— YOUR TASK —
After reading each line of the entries, give the number of lines that contain "site" and nothing else.

— SOURCE DATA —
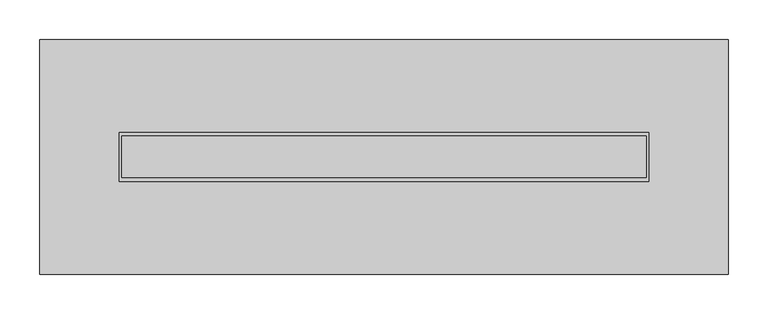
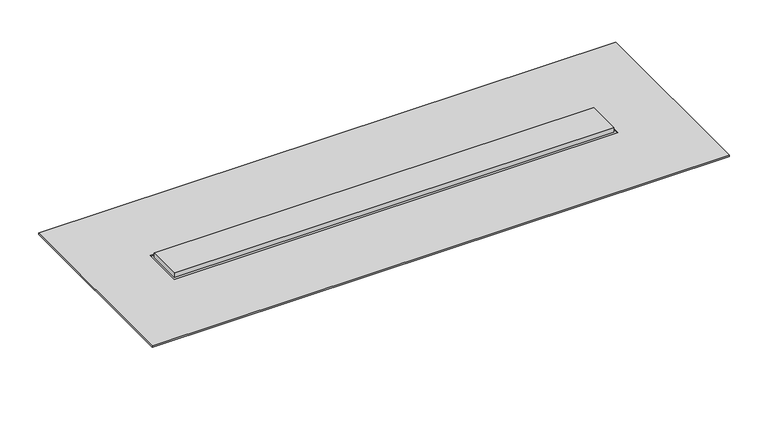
"""IFC4 building model written with IfcOpenShell, lengths in millimetres: sanitary terminal geometry, NLRS_PF_52_UN_Compact TAF Modulo_Easydrain : Compact TAF Modulo Glas wit glans."""

from ifc_helpers import new_model, si_unit, frame, origin, place, context, project, spatial, polyline, circle_curve, ellipse_curve, outline, extrude, source, transform, mapped, element, save
from ifc_brep_helpers import plane_surface, cylinder_surface, advanced_brep


def sanitary_terminal_e6825e24(model_context):
    return source(origin(), model_context, "Body", "SolidModel", [
        extrude(outline(polyline([(429.5, 26.0), (429.5, -26.0), (-229.5, -26.0), (-229.5, 26.0), (429.5, 26.0)])), frame((0.0, 0.0, -7.0), z_axis=(0.0, 0.0, 1.0), x_axis=(1.0, 0.0, 0.0)), (0.0, 0.0, 1.0), 7.0),
        extrude(outline(polyline([(532.5, 147.5), (532.5, -147.5), (-332.5, -147.5), (-332.5, 147.5), (532.5, 147.5)]), holes=[polyline([(432.5, 31.0), (-232.5, 31.0), (-232.5, -31.0), (432.5, -31.0), (432.5, 31.0)])]), frame((0.0, 0.0, -8.0), z_axis=(0.0, 0.0, 1.0), x_axis=(1.0, 0.0, 0.0)), (0.0, 0.0, 1.0), 2.0),
        advanced_brep(
        [(-232.5, -31.0, -25.0), (-10.0, -31.0, -27.0), (-10.0, -31.0, -70.0), (210.0, -31.0, -70.0), (210.0, -31.0, -27.0), (432.5, -31.0, -25.0), (432.5, -31.0, -9.0), (-232.5, -31.0, -9.0), (100.0, -31.0, -25.0), (100.0, -31.0, -65.0), (432.5, 31.0, -25.0), (210.0, 31.0, -27.0), (210.0, 31.0, -70.0), (-10.0, 31.0, -70.0), (-10.0, 31.0, -27.0), (-232.5, 31.0, -25.0), (-232.5, 31.0, -9.0), (432.5, 31.0, -9.0), (-212.5, 0.0, -25.1797753), (-172.5, 0.0, -25.5393258), (432.5, 30.0, -9.0), (432.5, -30.0, -9.0), (450.0, 47.5, -7.0), (-250.0, 47.5, -7.0), (-250.0, -64.5, -7.0), (450.0, -64.5, -7.0), (-232.5, -30.0, -9.0), (-232.5, 30.0, -9.0), (372.5, 0.0, -25.5393258), (412.5, 0.0, -25.1797753), (100.0, -50.0, -25.0), (100.0, -50.0, -65.0), (450.0, 47.5, -9.0), (450.0, -64.5, -9.0), (-250.0, -64.5, -9.0), (-250.0, 47.5, -9.0), (-212.5, 0.0, -70.0), (-172.5, 0.0, -70.0), (372.5, 0.0, -70.0), (412.5, 0.0, -70.0)],
        [
            (0, 1),
            (1, 2),
            (2, 3),
            (3, 4),
            (4, 5),
            (5, 6),
            (6, 7),
            (7, 0),
            (8, 9, circle_curve(frame((100.0, -31.0, -45.0), z_axis=(0.0, 1.0, 0.0), x_axis=(0.0, 0.0, -1.0)), 20.0)),
            (9, 8, circle_curve(frame((100.0, -31.0, -45.0), z_axis=(0.0, 1.0, 0.0), x_axis=(0.0, 0.0, -1.0)), 20.0)),
            (10, 11),
            (11, 12),
            (12, 13),
            (13, 14),
            (14, 15),
            (15, 16),
            (16, 17),
            (17, 10),
            (0, 15),
            (14, 1),
            (18, 19, ellipse_curve(frame((-192.5, 0.0, -25.3595506), z_axis=(0.00898840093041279, 0.0, 0.9999596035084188), x_axis=(-0.9999596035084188, 0.0, 0.008988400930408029)), 20.000808, 20.0)),
            (19, 18, ellipse_curve(frame((-192.5, 0.0, -25.3595506), z_axis=(0.00898840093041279, 0.0, 0.9999596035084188), x_axis=(-0.9999596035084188, 0.0, 0.008988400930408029)), 20.000808, 20.0)),
            (5, 10),
            (17, 20),
            (20, 21),
            (21, 6),
            (22, 23),
            (23, 24),
            (24, 25),
            (25, 22),
            (7, 26),
            (26, 27),
            (27, 16),
            (13, 2),
            (12, 3),
            (11, 4),
            (28, 29, ellipse_curve(frame((392.5, 0.0, -25.3595506), z_axis=(-0.00898840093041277, 0.0, 0.9999596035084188), x_axis=(0.9999596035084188, 0.0, 0.00898840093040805)), 20.000808, 20.0)),
            (29, 28, ellipse_curve(frame((392.5, 0.0, -25.3595506), z_axis=(-0.00898840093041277, 0.0, 0.9999596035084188), x_axis=(0.9999596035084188, 0.0, 0.00898840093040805)), 20.000808, 20.0)),
            (30, 31, circle_curve(frame((100.0, -50.0, -45.0), z_axis=(0.0, -1.0, 0.0), x_axis=(0.0, 0.0, -1.0)), 20.0)),
            (31, 30, circle_curve(frame((100.0, -50.0, -45.0), z_axis=(0.0, -1.0, 0.0), x_axis=(0.0, 0.0, -1.0)), 20.0)),
            (31, 9),
            (8, 30),
            (32, 33),
            (33, 34),
            (34, 35),
            (35, 32),
            (22, 32),
            (35, 23),
            (34, 24),
            (33, 25),
            (36, 37, circle_curve(frame((-192.5, 0.0, -70.0), z_axis=(0.0, 0.0, -1.0), x_axis=(1.0, 0.0, 0.0)), 20.0)),
            (37, 36, circle_curve(frame((-192.5, 0.0, -70.0), z_axis=(0.0, 0.0, -1.0), x_axis=(1.0, 0.0, 0.0)), 20.0)),
            (38, 39, circle_curve(frame((392.5, 0.0, -70.0), z_axis=(0.0, 0.0, -1.0), x_axis=(1.0, 0.0, 0.0)), 20.0)),
            (39, 38, circle_curve(frame((392.5, 0.0, -70.0), z_axis=(0.0, 0.0, -1.0), x_axis=(1.0, 0.0, 0.0)), 20.0)),
            (37, 19),
            (18, 36),
            (39, 29),
            (28, 38),
        ],
        [
            plane_surface(frame((-232.5, -31.0, -25.0), z_axis=(0.0, -1.0, 0.0), x_axis=(0.9999596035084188, 0.0, -0.00898840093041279))),
            plane_surface(frame((-232.5, 31.0, -25.0), z_axis=(0.0, 1.0, 0.0), x_axis=(-0.9999596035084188, 0.0, 0.00898840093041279))),
            plane_surface(frame((-232.5, -31.0, -25.0), z_axis=(-0.00898840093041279, 0.0, -0.9999596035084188), x_axis=(0.0, 1.0, 0.0))),
            plane_surface(frame((432.5, -31.0, -25.0), z_axis=(1.0, 0.0, 0.0), x_axis=(0.0, 1.0, 0.0))),
            plane_surface(frame((432.5, -31.0, -7.0), z_axis=(0.0, 0.0, 1.0), x_axis=(0.0, 1.0, 0.0))),
            plane_surface(frame((-232.5, -31.0, -7.0), z_axis=(-1.0, 0.0, 0.0), x_axis=(0.0, 1.0, 0.0))),
            plane_surface(frame((-10.0, -31.0, -27.0), z_axis=(-1.0, 0.0, 0.0), x_axis=(0.0, 1.0, 0.0))),
            plane_surface(frame((-10.0, -31.0, -70.0), z_axis=(0.0, 0.0, -1.0), x_axis=(0.0, 1.0, 0.0))),
            plane_surface(frame((210.0, -31.0, -70.0), z_axis=(1.0, 0.0, 0.0), x_axis=(0.0, 1.0, 0.0))),
            plane_surface(frame((210.0, -31.0, -27.0), z_axis=(0.00898840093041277, 0.0, -0.9999596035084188), x_axis=(0.0, 1.0, 0.0))),
            plane_surface(frame((100.0, -50.0, -45.0), z_axis=(0.0, -1.0, 0.0), x_axis=(1.0, 0.0, 0.0))),
            cylinder_surface(frame((100.0, 0.0, -45.0), z_axis=(0.0, 1.0, 0.0), x_axis=(0.0, 0.0, -1.0)), 20.0),
            plane_surface(frame((432.5, 30.0, -9.0), z_axis=(0.0, 0.0, -1.0), x_axis=(0.0, 1.0, 0.0))),
            plane_surface(frame((450.0, 47.5, -7.0), z_axis=(0.0, 1.0, 0.0), x_axis=(0.0, 0.0, -1.0))),
            plane_surface(frame((-250.0, 47.5, -7.0), z_axis=(-1.0, 0.0, 0.0), x_axis=(0.0, 0.0, -1.0))),
            plane_surface(frame((-250.0, -64.5, -7.0), z_axis=(0.0, -1.0, 0.0), x_axis=(0.0, 0.0, -1.0))),
            plane_surface(frame((450.0, -64.5, -7.0), z_axis=(1.0, 0.0, 0.0), x_axis=(0.0, 0.0, -1.0))),
            plane_surface(frame((-172.5, 0.0, -70.0), z_axis=(0.0, 0.0, -1.0), x_axis=(0.0, -1.0, 0.0))),
            cylinder_surface(frame((-192.5, 0.0, -70.0), z_axis=(0.0, 0.0, 1.0), x_axis=(1.0, 0.0, 0.0)), 20.0),
            cylinder_surface(frame((392.5, 0.0, 0.0), z_axis=(0.0, 0.0, 1.0), x_axis=(1.0, 0.0, 0.0)), 20.0),
        ],
        [
            (0, [[1, 2, 3, 4, 5, 6, 7, 8], [9, 10]]),
            (1, [[11, 12, 13, 14, 15, 16, 17, 18]]),
            (2, [[-1, 19, -15, 20], [21, 22]]),
            (3, [[23, -18, 24, 25, 26, -6]]),
            (4, [[27, 28, 29, 30]]),
            (5, [[-19, -8, 31, 32, 33, -16]]),
            (6, [[-2, -20, -14, 34]]),
            (7, [[-3, -34, -13, 35]]),
            (8, [[-4, -35, -12, 36]]),
            (9, [[-5, -36, -11, -23], [37, 38]]),
            (10, [[39, 40]]),
            (11, [[-40, 41, -9, 42]]),
            (11, [[-39, -42, -10, -41]]),
            (12, [[43, 44, 45, 46], [-7, -26, -25, -24, -17, -33, -32, -31]]),
            (13, [[-27, 47, -46, 48]]),
            (14, [[-28, -48, -45, 49]]),
            (15, [[-29, -49, -44, 50]]),
            (16, [[-30, -50, -43, -47]]),
            (17, [[51, 52]]),
            (17, [[53, 54]]),
            (18, [[-52, 55, -21, 56]]),
            (18, [[-51, -56, -22, -55]]),
            (19, [[-54, 57, -37, 58]]),
            (19, [[-53, -58, -38, -57]]),
        ],
    ),
    ])


if __name__ == "__main__":
    model = new_model("IFC4")
    model_context = context("Model", 3, world=origin())
    ifc_project = project(units=[si_unit("LENGTHUNIT", "METRE", prefix="MILLI")], contexts=[model_context])
    site = spatial("IfcSite", under=ifc_project)
    building = spatial("IfcBuilding", under=site)
    placement = place(None, origin())
    sanitary_terminal_shape = sanitary_terminal_e6825e24(model_context)
    element("IfcSanitaryTerminal", 1, ObjectType="NLRS_PF_52_UN_Compact TAF Modulo_Easydrain : Compact TAF Modulo Glas wit glans", at=placement, inside=building, context=model_context, shape_type="MappedRepresentation", body=[
        mapped(sanitary_terminal_shape, transform((0.0, 0.0, 0.0), x_axis=(1.0, 0.0, 0.0), y_axis=(0.0, 1.0, 0.0), z_axis=(0.0, 0.0, 1.0))),
    ])
    save(model, "model.ifc")

— TASK OUTPUT —
2